I'm working with SN RNA-seq data that I processed using Cellranger v. 7.1.0 (which uses STAR for alignment with default settings).
Using the samtools flagstat command to look at a BAM file output:
284890368 + 0 in total (QC-passed reads + QC-failed reads) 0 + 0 secondary 0 + 0 supplementary 141030430 + 0 duplicates 277071629 + 0 mapped (97.26% : N/A) 0 + 0 paired in sequencing 0 + 0 read1 0 + 0 read2 0 + 0 properly paired (N/A : N/A) 0 + 0 with itself and mate mapped 0 + 0 singletons (N/A : N/A) 0 + 0 with mate mapped to a different chr 0 + 0 with mate mapped to a different chr (mapQ>=5)
Which looks off... shouldn't there be reads annotated as read1 or read1, properly paired or not, etc.?
Looking at the unique samtools flags in this particular file, I find:
flag occurrences 0 62497243 16 59602309 1024 73268831 1040 67761599
... which correspond to 'unpaired+forward', 'reverse', 'duplicate', and 'reverse+duplicate', respectively.
My goal is to filter for uniquely mapping, properly paired reads, but it's not clear to me how this can be done given these outputs.
Any advice or insight would be much appreciated.
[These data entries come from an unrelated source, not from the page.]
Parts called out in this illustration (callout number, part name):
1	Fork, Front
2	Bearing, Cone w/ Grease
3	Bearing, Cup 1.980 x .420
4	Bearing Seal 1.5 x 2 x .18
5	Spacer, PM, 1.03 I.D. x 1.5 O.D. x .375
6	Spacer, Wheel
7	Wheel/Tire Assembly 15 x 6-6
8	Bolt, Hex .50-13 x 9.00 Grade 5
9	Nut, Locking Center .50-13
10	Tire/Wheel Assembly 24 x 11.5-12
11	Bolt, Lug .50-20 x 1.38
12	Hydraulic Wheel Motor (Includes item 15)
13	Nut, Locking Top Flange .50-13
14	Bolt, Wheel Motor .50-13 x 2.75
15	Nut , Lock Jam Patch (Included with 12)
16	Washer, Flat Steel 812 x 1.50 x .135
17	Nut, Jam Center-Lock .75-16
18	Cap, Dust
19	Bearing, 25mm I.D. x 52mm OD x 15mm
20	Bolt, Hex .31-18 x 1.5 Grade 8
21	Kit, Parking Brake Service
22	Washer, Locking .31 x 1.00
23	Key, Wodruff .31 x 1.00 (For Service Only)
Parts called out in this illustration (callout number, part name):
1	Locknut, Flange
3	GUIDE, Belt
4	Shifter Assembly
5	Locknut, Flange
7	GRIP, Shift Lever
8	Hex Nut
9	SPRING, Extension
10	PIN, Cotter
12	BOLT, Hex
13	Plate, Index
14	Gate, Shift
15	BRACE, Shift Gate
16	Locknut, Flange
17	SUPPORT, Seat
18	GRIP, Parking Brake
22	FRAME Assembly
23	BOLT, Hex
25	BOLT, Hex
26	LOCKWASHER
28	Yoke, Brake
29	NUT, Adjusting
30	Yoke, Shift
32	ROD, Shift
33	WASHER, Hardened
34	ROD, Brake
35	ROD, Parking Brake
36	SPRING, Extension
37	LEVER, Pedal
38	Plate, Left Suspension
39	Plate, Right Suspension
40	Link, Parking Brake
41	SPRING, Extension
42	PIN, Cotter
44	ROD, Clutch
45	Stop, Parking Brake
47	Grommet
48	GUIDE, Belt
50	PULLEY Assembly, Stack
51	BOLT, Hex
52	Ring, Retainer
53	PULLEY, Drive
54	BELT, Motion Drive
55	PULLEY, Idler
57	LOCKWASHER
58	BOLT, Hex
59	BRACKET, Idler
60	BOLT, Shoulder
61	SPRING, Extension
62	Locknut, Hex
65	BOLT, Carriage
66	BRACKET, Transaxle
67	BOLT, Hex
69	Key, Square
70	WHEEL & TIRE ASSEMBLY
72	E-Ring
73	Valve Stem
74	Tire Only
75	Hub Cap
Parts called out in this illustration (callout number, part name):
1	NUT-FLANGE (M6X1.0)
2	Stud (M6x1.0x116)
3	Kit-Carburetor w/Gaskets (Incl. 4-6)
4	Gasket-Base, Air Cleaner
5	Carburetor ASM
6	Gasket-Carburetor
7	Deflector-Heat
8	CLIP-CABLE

So I'm guessing you'll need a flag to pick for samtools view
How does the flagstat output affect the flag you pick for
The flagstat output doesn't necessarily impact those flags, I just wanted to know what I was working with in terms of properly paired reads, and was initially confused by the finding that there were none. And, according to my search of the BAM file, none of the flags indicated any of the reads were properly paired, hence my confusion about how to extract these data.
However, per Genomax's comment, this does not apply to 10x SC/SN RNA-seq data, so my question was misguided from the start.
Your question was not misguided, we all miss "obvious" differences at times owing to the fact that our expectations are set based on the majority of our experience. BTW, I've moved GenoMax's comment to an answer. Please accept it to mark the post as solved.